RECORDS FOR THE EXERCISE Start Marker

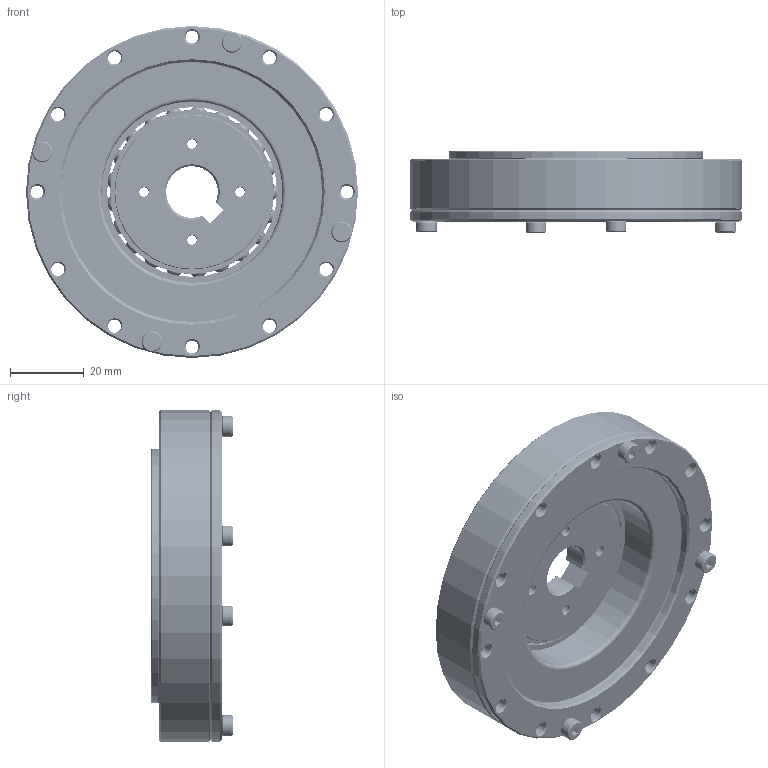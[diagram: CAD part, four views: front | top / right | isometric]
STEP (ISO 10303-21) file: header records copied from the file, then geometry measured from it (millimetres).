
FILE_DESCRIPTION(/* description */ (''),/* implementation_level */ '2;1');
FILE_NAME(/* name */ 'HBD20.stp',/* time_stamp */ '2023-02-20T14:50:03+08:00',/* author */ (''),/* organization */ (''),/* preprocessor_version */ 'ST-DEVELOPER v16',/* originating_system */ 'SIEMENS PLM Software NX 10.0',/* authorisation */ '');
FILE_SCHEMA (('CONFIG_CONTROL_DESIGN'));
Products named in the file (1): HBD20
Bounding box: 90 x 22 x 90 mm (x, y, z)
Volume: 68476.6 mm3; surface area: 67531.5 mm2
Topology: 37 solids, 38 shells, 768 faces, 1980 edges, 1290 vertices
Faces by surface type: plane 258, cone 180, cylinder 173, bspline 85, extrusion 42, sphere 21, torus 9
Full cylindrical faces by diameter (mm): 2.8 x1, 3.5 x42, 4 x1, 5.6 x4, 33.9 x1, 35.56 x1, 35.6 x1, 37 x2, 38 x1, 38.2 x2, 39.7 x1, 42 x1, 44.4 x1, 46 x2, 49.073 x2, 50.8 x1, 51.7 x1, 53.8 x1, 54 x2, 55.5 x1, 56.8 x1, 62 x1, 69 x3, 70.6 x2, 71 x1, 72 x1, 72.6 x1, 76 x1, 78 x5, 78.5 x2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
Entity records: 146145 total; most frequent: CARTESIAN_POINT 130304, ORIENTED_EDGE 3050, DIRECTION 2782, EDGE_CURVE 1525, EDGE_LOOP 1167, VERTEX_POINT 1163, AXIS2_PLACEMENT_3D 1127, FACE_BOUND 780

RECORDS FOR THE EXERCISE End Marker

TASK DIRECTIONS: Return exactly the lines of the data, and only those, from the line with "Faces by surface" through the last line, inclusive.

FINAL ANSWER:
Faces by surface type: plane 258, cone 180, cylinder 173, bspline 85, extrusion 42, sphere 21, torus 9
Full cylindrical faces by diameter (mm): 2.8 x1, 3.5 x42, 4 x1, 5.6 x4, 33.9 x1, 35.56 x1, 35.6 x1, 37 x2, 38 x1, 38.2 x2, 39.7 x1, 42 x1, 44.4 x1, 46 x2, 49.073 x2, 50.8 x1, 51.7 x1, 53.8 x1, 54 x2, 55.5 x1, 56.8 x1, 62 x1, 69 x3, 70.6 x2, 71 x1, 72 x1, 72.6 x1, 76 x1, 78 x5, 78.5 x2
Entity records: 146145 total; most frequent: CARTESIAN_POINT 130304, ORIENTED_EDGE 3050, DIRECTION 2782, EDGE_CURVE 1525, EDGE_LOOP 1167, VERTEX_POINT 1163, AXIS2_PLACEMENT_3D 1127, FACE_BOUND 780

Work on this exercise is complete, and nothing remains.